> _Provided material_:
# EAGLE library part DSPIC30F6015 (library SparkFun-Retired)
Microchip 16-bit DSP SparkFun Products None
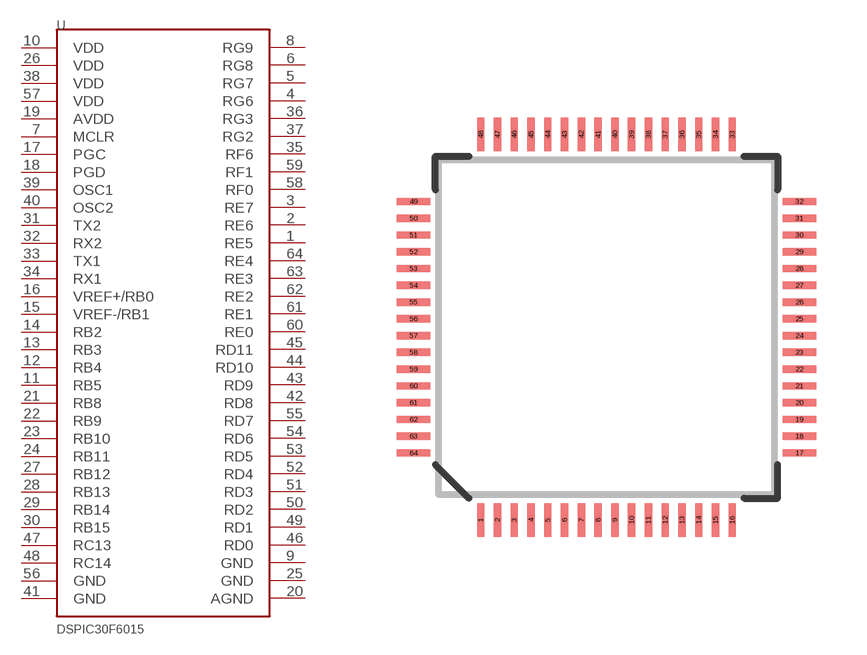
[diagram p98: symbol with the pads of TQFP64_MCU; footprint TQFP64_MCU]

Designator prefix U

## DSPIC30F6015SMD  [TQFP64_MCU]
1  RE5
2  RE6
3  RE7
4  RG6
5  RG7
6  RG8
7  MCLR
8  RG9
9  GND
10  VDD
11  RB5
12  RB4
13  RB3
14  RB2
15  VREF-/RB1
16  VREF+/RB0
17  PGC
18  PGD
19  AVDD
20  AGND
21  RB8
22  RB9
23  RB10
24  RB11
25  GND
26  VDD
27  RB12
28  RB13
29  RB14
30  RB15
31  TX2
32  RX2
33  TX1
34  RX1
35  RF6
36  RG3
37  RG2
38  VDD
39  OSC1
40  OSC2
41  GND
42  RD8
43  RD9
44  RD10
45  RD11
46  RD0
47  RC13
48  RC14
49  RD1
50  RD2
51  RD3
52  RD4
53  RD5
54  RD6
55  RD7
56  GND
57  VDD
58  RF0
59  RF1
60  RE0
61  RE1
62  RE2
63  RE3
64  RE4

## Footprint TQFP64_MCU (pad centres in mm)
64-Lead TQFP Plastic Thin Quad Flatpack - 10x10x1mm Body, 2mmFP
smd 0.22 x 1: 1 -3.75,-5.75; 2 -3.25,-5.75; 3 -2.75,-5.75; 4 -2.25,-5.75; 5 -1.75,-5.75; 6 -1.25,-5.75; 7 -0.75,-5.75; 8 -0.25,-5.75; 9 0.25,-5.75; 10 0.75,-5.75; 11 1.25,-5.75; 12 1.75,-5.75; 13 2.25,-5.75; 14 2.75,-5.75; 15 3.25,-5.75; 16 3.75,-5.75; 33 3.75,5.75; 34 3.25,5.75; 35 2.75,5.75; 36 2.25,5.75; 37 1.75,5.75; 38 1.25,5.75; 39 0.75,5.75; 40 0.25,5.75; 41 -0.25,5.75; 42 -0.75,5.75; 43 -1.25,5.75; 44 -1.75,5.75; 45 -2.25,5.75; 46 -2.75,5.75; 47 -3.25,5.75; 48 -3.75,5.75
smd 1 x 0.22: 17 5.75,-3.75; 18 5.75,-3.25; 19 5.75,-2.75; 20 5.75,-2.25; 21 5.75,-1.75; 22 5.75,-1.25; 23 5.75,-0.75; 24 5.75,-0.25; 25 5.75,0.25; 26 5.75,0.75; 27 5.75,1.25; 28 5.75,1.75; 29 5.75,2.25; 30 5.75,2.75; 31 5.75,3.25; 32 5.75,3.75; 49 -5.75,3.75; 50 -5.75,3.25; 51 -5.75,2.75; 52 -5.75,2.25; 53 -5.75,1.75; 54 -5.75,1.25; 55 -5.75,0.75; 56 -5.75,0.25; 57 -5.75,-0.25; 58 -5.75,-0.75; 59 -5.75,-1.25; 60 -5.75,-1.75; 61 -5.75,-2.25; 62 -5.75,-2.75; 63 -5.75,-3.25; 64 -5.75,-3.75

> _Prompt_: What is needed is an exact copy of the entries, without any images.

> _Written reply_:
# EAGLE library part DSPIC30F6015 (library SparkFun-Retired)
Microchip 16-bit DSP SparkFun Products None
[diagram p98: symbol with the pads of TQFP64_MCU; footprint TQFP64_MCU]

Designator prefix U

## DSPIC30F6015SMD  [TQFP64_MCU]
1  RE5
2  RE6
3  RE7
4  RG6
5  RG7
6  RG8
7  MCLR
8  RG9
9  GND
10  VDD
11  RB5
12  RB4
13  RB3
14  RB2
15  VREF-/RB1
16  VREF+/RB0
17  PGC
18  PGD
19  AVDD
20  AGND
21  RB8
22  RB9
23  RB10
24  RB11
25  GND
26  VDD
27  RB12
28  RB13
29  RB14
30  RB15
31  TX2
32  RX2
33  TX1
34  RX1
35  RF6
36  RG3
37  RG2
38  VDD
39  OSC1
40  OSC2
41  GND
42  RD8
43  RD9
44  RD10
45  RD11
46  RD0
47  RC13
48  RC14
49  RD1
50  RD2
51  RD3
52  RD4
53  RD5
54  RD6
55  RD7
56  GND
57  VDD
58  RF0
59  RF1
60  RE0
61  RE1
62  RE2
63  RE3
64  RE4

## Footprint TQFP64_MCU (pad centres in mm)
64-Lead TQFP Plastic Thin Quad Flatpack - 10x10x1mm Body, 2mmFP
smd 0.22 x 1: 1 -3.75,-5.75; 2 -3.25,-5.75; 3 -2.75,-5.75; 4 -2.25,-5.75; 5 -1.75,-5.75; 6 -1.25,-5.75; 7 -0.75,-5.75; 8 -0.25,-5.75; 9 0.25,-5.75; 10 0.75,-5.75; 11 1.25,-5.75; 12 1.75,-5.75; 13 2.25,-5.75; 14 2.75,-5.75; 15 3.25,-5.75; 16 3.75,-5.75; 33 3.75,5.75; 34 3.25,5.75; 35 2.75,5.75; 36 2.25,5.75; 37 1.75,5.75; 38 1.25,5.75; 39 0.75,5.75; 40 0.25,5.75; 41 -0.25,5.75; 42 -0.75,5.75; 43 -1.25,5.75; 44 -1.75,5.75; 45 -2.25,5.75; 46 -2.75,5.75; 47 -3.25,5.75; 48 -3.75,5.75
smd 1 x 0.22: 17 5.75,-3.75; 18 5.75,-3.25; 19 5.75,-2.75; 20 5.75,-2.25; 21 5.75,-1.75; 22 5.75,-1.25; 23 5.75,-0.75; 24 5.75,-0.25; 25 5.75,0.25; 26 5.75,0.75; 27 5.75,1.25; 28 5.75,1.75; 29 5.75,2.25; 30 5.75,2.75; 31 5.75,3.25; 32 5.75,3.75; 49 -5.75,3.75; 50 -5.75,3.25; 51 -5.75,2.75; 52 -5.75,2.25; 53 -5.75,1.75; 54 -5.75,1.25; 55 -5.75,0.75; 56 -5.75,0.25; 57 -5.75,-0.25; 58 -5.75,-0.75; 59 -5.75,-1.25; 60 -5.75,-1.75; 61 -5.75,-2.25; 62 -5.75,-2.75; 63 -5.75,-3.25; 64 -5.75,-3.75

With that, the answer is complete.